Latexallergie – Praktische Tipps und Hinweise

1. Im Alltag:

  • Meiden Sie latexhaltige Haushaltshandschuhe.
  • Nutzen Sie latexfreie Matratzen.
  • Achten Sie bei der Verhütung auf latexfreie Kondome und Pessare.

2. Im medizinischen Arbeitsbereich:

  • Nutzen Sie latexfreie Handschuhe als Schutzhandschuhe.
  • Sind die Atemwege betroffen, dürfen im gesamten Arbeitsbereich oder -umfeld keine gepuderten Latexhandschuhe verwendet werden.
  • Beachten Sie, dass alle latexhaltigen Artikel – auch Beatmungszubehör, Katheter und Blutdruckmanschetten oder Handschuhe von Kollegen (!) – Probleme bereiten können.
  • Achten Sie im zahnärztlichen Bereich auf Latex in Zungenspateln, Abdrucklöffeln u.a.m.
  • Kann durch verschiedene Maßnahmen keine Besserung erreicht werden, sollte die belastende Tätigkeit beendet werden. Auskünfte zur berufsbedingten Latexallergie geben spezialisierte Ärzte ( Allergologen ), aber auch die Landesanstalten für Arbeitsschutz.

3. Um im Arbeitsfeld der Entstehung der Latexallergie vorzubeugen:

  • Nutzen Sie ungepuderte Latexhandschuhe mit minimaler Allergen- bzw.
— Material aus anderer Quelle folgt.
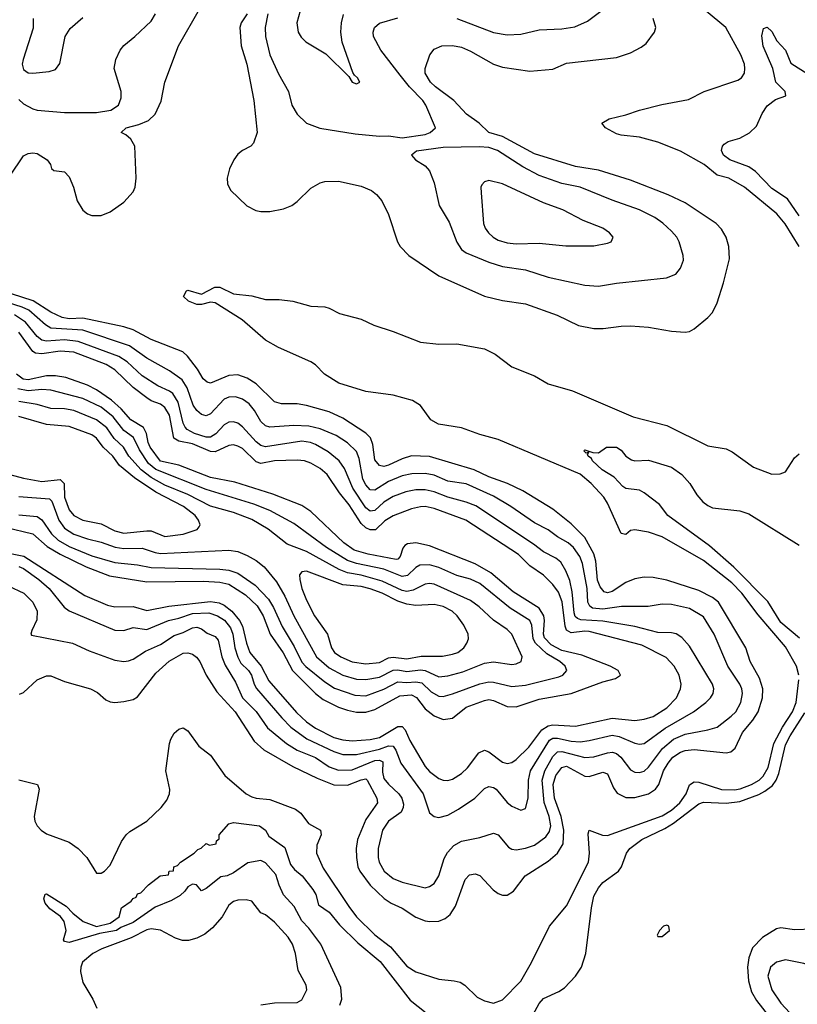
# Model space of a CAD drawing. Header units: inches. Extents: x 1305375 to 1407406, y 744550 to 841633.
# Tile 501 of 509: x 1395153 to 1398562, y 831887 to 836204. Entities that reach past the tile are written whole.
import ezdxf

# ---------------------------------------------------------------- set-up
doc = ezdxf.new("R2010")
doc.units = ezdxf.units.IN
doc.header["$MEASUREMENT"] = 0
doc.layers.add('B3893', color=7, linetype='Continuous')

msp = doc.modelspace()

# ---------------------------------------------------------------- linework, layer by layer
at = {"layer": 'B3893', "color": 5}
for points, elevation in [([(1396389.2, 836270), (1396367.5, 836190), (1396374, 836150), (1396387.6, 836127.6), (1396407.9, 836107.9), (1396494.4, 836054.4), (1396595.2, 835955.2), (1396610, 835931), (1396630, 835923), (1396644, 835930), (1396634, 835950), (1396620.4, 835960.4), (1396613, 835973), (1396566.1, 836106.1), (1396560.3, 836150), (1396563.7, 836190), (1396573.1, 836226.9)], 1260), ([(1397070, 836210.1), (1397230, 836148), (1397290, 836138.3), (1397350, 836140.5), (1397430, 836159.3), (1397530, 836163.8), (1397586.6, 836173.4), (1397642.2, 836197.8), (1397730, 836263.7)], 1240), ([(1395110, 835518.2), (1395170, 835607), (1395190, 835618), (1395210, 835621.1), (1395230, 835617.4), (1395274, 835590), (1395287.4, 835570), (1395292.3, 835552.3), (1395302.9, 835542.9), (1395350, 835536.5), (1395370, 835514.6), (1395388.3, 835470), (1395404.4, 835410), (1395430, 835368.6), (1395450, 835353.4), (1395470, 835346.1), (1395510, 835345.3), (1395550, 835361.8), (1395610, 835404.1), (1395650, 835449.5), (1395658.9, 835470), (1395663.6, 835510), (1395657.8, 835650), (1395640.2, 835680.2), (1395619, 835699), (1395597.6, 835710), (1395619.5, 835730), (1395675.8, 835744.2), (1395717.3, 835762.7), (1395747, 835790), (1395773.1, 835846.9), (1395789.8, 835930), (1395849.8, 836090.2), (1395941.7, 836250)], 1220), ([(1395150, 835853.7), (1395170, 835835.4), (1395210, 835813.4), (1395230, 835806.9), (1395350, 835797.9), (1395490, 835798), (1395553.1, 835806.9), (1395586.6, 835830), (1395597.9, 835862.1), (1395598.3, 835890), (1395567.4, 835990), (1395574.7, 836030), (1395593.5, 836070), (1395610, 836091.6), (1395658.3, 836130), (1395730, 836198.3), (1395748.1, 836230)], 1240), ([(1396150.3, 836229.7), (1396123.7, 836190), (1396117.5, 836170), (1396123.3, 836090), (1396148.6, 836010), (1396179.8, 835850), (1396194, 835710), (1396177.6, 835662.4), (1396166.7, 835650), (1396130, 835630.7), (1396110, 835614.6), (1396092.5, 835590), (1396073.3, 835550), (1396062.7, 835510), (1396064, 835484), (1396076.8, 835456.8), (1396148.3, 835388.4), (1396187.6, 835367.6), (1396210, 835362.7), (1396250, 835363.5), (1396310, 835374.5), (1396346.3, 835390), (1396370, 835407.3), (1396430, 835466.2), (1396470, 835489.2), (1396490, 835494.4), (1396550, 835496.9), (1396650, 835474.7), (1396695.6, 835455.6), (1396717.7, 835437.7), (1396740.3, 835410), (1396770, 835350.7), (1396808.9, 835230), (1396820.3, 835210), (1396858.3, 835170), (1396990, 835080.6), (1397190, 834992.6), (1397270, 834972.7), (1397370, 834958.2), (1397508.6, 834908.6), (1397603.4, 834863.4), (1397670, 834850.1), (1397710.5, 834849.5), (1397790, 834861.1), (1397830, 834861.8), (1397910, 834855.6), (1398010, 834837.8), (1398070, 834833.4), (1398090, 834837.6), (1398110, 834848.4), (1398170, 834899.1), (1398190, 834920.5), (1398210, 834963), (1398238.6, 835050), (1398264.2, 835155.8), (1398261.3, 835210), (1398249.9, 835250), (1398230, 835285.3), (1398206, 835310), (1398070, 835401.4), (1397996.3, 835436.3), (1397830, 835501.1), (1397690, 835545), (1397590, 835561), (1397410, 835616.6), (1397270, 835692.5), (1397209.7, 835710), (1397166.8, 835750), (1397112.1, 835790), (1397056.5, 835850), (1396975.9, 835910), (1396954.5, 835930), (1396930.7, 835970), (1396930.8, 835990), (1396951.1, 836050), (1396970, 836074.6), (1397004, 836090), (1397050, 836090.8), (1397090, 836083.9), (1397130, 836066.1), (1397230, 836008.8), (1397270, 835995.7), (1397390, 835979), (1397490, 835987.1), (1397550, 836013.3), (1397770, 836039), (1397830, 836058.5), (1397876.8, 836083.2), (1397899.6, 836100.5), (1397936.4, 836150), (1397942, 836170), (1397930.6, 836210)], 1220), ([(1396241, 836230), (1396229.5, 836169.5), (1396230.2, 836130), (1396250.2, 836050), (1396287.2, 835967.2), (1396331.3, 835890), (1396346.7, 835830), (1396369, 835790), (1396410.4, 835750), (1396468.1, 835728.1), (1396623.2, 835703.2), (1396730, 835693.4), (1396770, 835695.5), (1396830, 835685.9), (1396930, 835700.3), (1396951.8, 835710), (1396975.3, 835730), (1396933.5, 835830), (1396920.5, 835850), (1396861.3, 835910), (1396820.5, 835960.5), (1396736.3, 836070), (1396703.4, 836130), (1396702.2, 836150), (1396709, 836170), (1396730, 836189.2), (1396810, 836212.6)], 1240), ([(1398569.8, 835210), (1398509.2, 835309.2), (1398472.6, 835352.6), (1398329.9, 835470), (1398261.1, 835510), (1398210, 835523), (1398153.2, 835570), (1398050, 835627.1), (1397950, 835667.5), (1397870, 835689.4), (1397790, 835697.6), (1397770, 835704.5), (1397721.2, 835730), (1397705.5, 835750), (1397737.6, 835770), (1397810, 835787), (1397870, 835808), (1397967.5, 835832.5), (1398085.2, 835854.8), (1398154.3, 835890), (1398300.7, 835939.3), (1398317.3, 835950), (1398330, 835969.1), (1398332.3, 835990), (1398329.9, 836010), (1398314, 836050), (1398248.6, 836170), (1398162.1, 836242.1)], 1180), ([(1395212.5, 836210), (1395212.3, 836167.7), (1395167.6, 836030), (1395164.6, 836010), (1395170, 835985.5), (1395190, 835971.9), (1395210, 835970.2), (1395282.2, 835977.8), (1395310, 835985.3), (1395328.4, 836011.5), (1395351.9, 836130), (1395374.1, 836165.9), (1395430, 836214.3)], 1260), ([(1398570, 835344), (1398518.3, 835418.3), (1398450, 835464.7), (1398379, 835539), (1398350, 835558.8), (1398266.3, 835590), (1398238.9, 835610), (1398229, 835630), (1398234, 835650), (1398241.5, 835658.5), (1398259.3, 835670), (1398310, 835685), (1398351.7, 835708.3), (1398382.5, 835737.4), (1398407.6, 835792.4), (1398430, 835826.2), (1398465.8, 835854.2), (1398511.6, 835870), (1398508.3, 835890), (1398467.7, 835930), (1398454.2, 835990), (1398412.2, 836087.8), (1398406.4, 836133.6), (1398413.8, 836166.2), (1398430, 836172), (1398450, 836151.8), (1398472.1, 836112.1), (1398510.3, 836070), (1398533.4, 836013.4), (1398610, 835965.2)], 1160), ([(1395152.9, 833247.1), (1395170, 833254.7), (1395230, 833310.2), (1395270, 833326.8), (1395290, 833326.8), (1395350, 833302.8), (1395463.8, 833270), (1395493.5, 833253.5), (1395530, 833222.6), (1395550, 833213.1), (1395570, 833210.3), (1395610, 833214.9), (1395650, 833223.6), (1395670, 833234.7), (1395750, 833338.3), (1395808.5, 833391.5), (1395870, 833426.1), (1395890, 833428.2), (1395910, 833422.3), (1395928.7, 833408.7), (1395943.2, 833390), (1395970.7, 833330), (1396017.3, 833257.3), (1396097.8, 833170), (1396180.4, 833040.4), (1396222.6, 833002.6), (1396350, 832929.6), (1396457.7, 832877.7), (1396529.5, 832849.5), (1396590, 832847), (1396650, 832871.5), (1396670, 832875.4), (1396676.8, 832870), (1396718.3, 832790), (1396721.4, 832770), (1396670, 832697.4), (1396633.6, 832610), (1396628, 832570), (1396628.8, 832530), (1396635.4, 832490), (1396643.6, 832470), (1396689.1, 832409.1), (1396750.1, 832350.1), (1396782, 832330), (1396830, 832308.7), (1396890, 832269.6), (1396930, 832253.2), (1396950.4, 832249.6), (1396990, 832251.3), (1397017.5, 832262.5), (1397039.9, 832280.1), (1397062.9, 832317.1), (1397105.6, 832434.4), (1397125.2, 832454.8), (1397150, 832458.8), (1397170, 832452.2), (1397228.8, 832388.8), (1397250, 832372.8), (1397270, 832364.8), (1397290, 832364.8), (1397317.6, 832382.4), (1397369.2, 832450.8), (1397470, 832514.8), (1397510.4, 832550), (1397535, 832590), (1397538.4, 832650), (1397526.9, 832710), (1397497.7, 832790), (1397491.2, 832850), (1397502.7, 832890), (1397530, 832925.5), (1397550, 832931.5), (1397630, 832887.8), (1397650, 832886.1), (1397710, 832904.1), (1397730, 832897.5), (1397756.7, 832836.7), (1397772.9, 832812.9), (1397810, 832794.3), (1397850, 832793), (1397910, 832809.3), (1397940.7, 832830), (1397954.8, 832850), (1397975.8, 832910), (1397995.1, 832944.9), (1398015.8, 832970), (1398050, 832993), (1398070, 832999.7), (1398110, 833003.4), (1398250, 832989.6), (1398270, 832993.9), (1398289.9, 833010.1), (1398321.9, 833078.1), (1398367.5, 833132.5), (1398390.4, 833170), (1398409.9, 833230), (1398410.4, 833270), (1398396.2, 833316.2), (1398355.1, 833390), (1398336.3, 833450), (1398215.8, 833650), (1398190, 833671), (1398130, 833701.1), (1397990, 833747.3), (1397930, 833758.8), (1397890, 833759.6), (1397850, 833752.3), (1397810, 833736.1), (1397750, 833697.3), (1397730, 833690.7), (1397715.4, 833695.4), (1397697, 833717), (1397686.2, 833746.2), (1397678.3, 833830), (1397670, 833862), (1397630, 833933.1), (1397570, 833993.6), (1397490, 834058.7), (1397358.6, 834138.6), (1397291, 834171), (1397210, 834200.3), (1397145, 834230), (1396950, 834289.2), (1396870, 834291.6), (1396830, 834278.4), (1396770, 834250.4), (1396750, 834245), (1396730, 834249.3), (1396710, 834274.7), (1396701.4, 834341.4), (1396690.8, 834370.8), (1396670.8, 834390.8), (1396570, 834457.6), (1396510, 834484.6), (1396410, 834513.1), (1396370, 834519.7), (1396300.4, 834520.5), (1396270, 834528.6), (1396190, 834607.3), (1396150, 834631.9), (1396110, 834646.6), (1396070, 834643.8), (1395990, 834610.6), (1395974.6, 834614.6), (1395957.7, 834630), (1395932.3, 834672.3), (1395888.7, 834728.7), (1395867.9, 834747.9), (1395730, 834802.6), (1395650, 834844.1), (1395610, 834857.5), (1395430, 834896.1), (1395370, 834893.1), (1395338.6, 834898.6), (1395290, 834921.6), (1395211.6, 834971.6), (1394930, 835062.8)], 1220), ([(1398569, 833330), (1398558.8, 833370), (1398510, 833455), (1398390, 833594.9), (1398319.3, 833690), (1398275.3, 833735.3), (1398150, 833832.3), (1397970, 833936), (1397910, 833957.4), (1397850, 833967), (1397830, 833963.8), (1397810, 833947.6), (1397790, 833951.1), (1397730, 834085), (1397714.2, 834110), (1397657.7, 834170), (1397610, 834211.7), (1397250, 834363.7), (1397170, 834384.7), (1397090, 834414.2), (1396988.3, 834430), (1396956.1, 834450), (1396910, 834512.2), (1396874.9, 834534.9), (1396790, 834558.1), (1396670, 834573.4), (1396552.7, 834610), (1396489.9, 834650), (1396450.3, 834690.3), (1396430, 834704.5), (1396286.9, 834766.9), (1396230, 834798.9), (1396128.7, 834888.7), (1396010, 834962.7), (1395990, 834966), (1395950, 834955.4), (1395930, 834954.8), (1395893.6, 834970), (1395871.3, 834990), (1395884.6, 835015.4), (1395890, 835018.4), (1395950, 835000.3), (1396009.2, 835030.8), (1396030, 835031.3), (1396090, 835002.3), (1396170, 834993), (1396230, 834977.3), (1396290, 834977.1), (1396350, 834970.4), (1396430, 834948), (1396490, 834944.9), (1396510, 834939.5), (1396555.4, 834915.4), (1396650, 834891), (1396705.3, 834865.3), (1396790, 834837.7), (1396910.1, 834790.1), (1396990, 834781.4), (1397070, 834783.1), (1397190, 834760.7), (1397238.1, 834738.1), (1397310, 834682.3), (1397410, 834642.8), (1397470, 834607.1), (1397576.4, 834576.4), (1397842.3, 834462.3), (1397990, 834424.7), (1398170, 834335.5), (1398250, 834322.4), (1398276.4, 834310), (1398370, 834242.3), (1398450, 834211.7), (1398487.2, 834212.8), (1398510, 834221.3), (1398550, 834282.4), (1398570, 834301.3)], 1180), ([(1395101.9, 833721.9), (1395171.1, 833690), (1395210, 833650.2), (1395229.5, 833610), (1395228, 833572), (1395206.6, 833526.6), (1395202, 833510), (1395205.5, 833505.5), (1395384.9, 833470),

Proteinkonzentration ( mindestens 30mg Protein pro Gramm Handschuh ).
  • Sind Sie bereits von Allergie betroffen oder leiden an einem Ekzem, sollten Sie sogar ausschließlich naturlatexfreie Handschuhe verwenden.
  • Nutzen Sie Handschuh, die keine Thiurame als Vulkanisationsbeschleuniger enthalten.
  • Seien Sie konsequent bei der Hautpflege, besonders bei bereits bestehenden Hauterkrankungen. Sie sollten schonende und rückfettende Händedesinfektionsmittel verwenden.

4. Um Beschwerden bei einer Naturgummilatexallergie zu vermeiden:

  • Vermeiden Sie jeden Kontakt zu latexhaltigen Produkten.
  • Latexallergiker sollten einen Allergieausweis haben und für den Notfall einen “No Latex-Button tragen. Für die Notfallbehandlung sollte ein jederzeit erreichbares latexfreies Notfallset bereitgestellt sein.
  • Nähere Auskünfte zu latexhaltigen Artikel und möglichen Alternativen erhalten Sie über die Latexallergie-Informationsgesellschaft L.A.I.V.e.V.; Postfach 210413, 72027 Tübingen.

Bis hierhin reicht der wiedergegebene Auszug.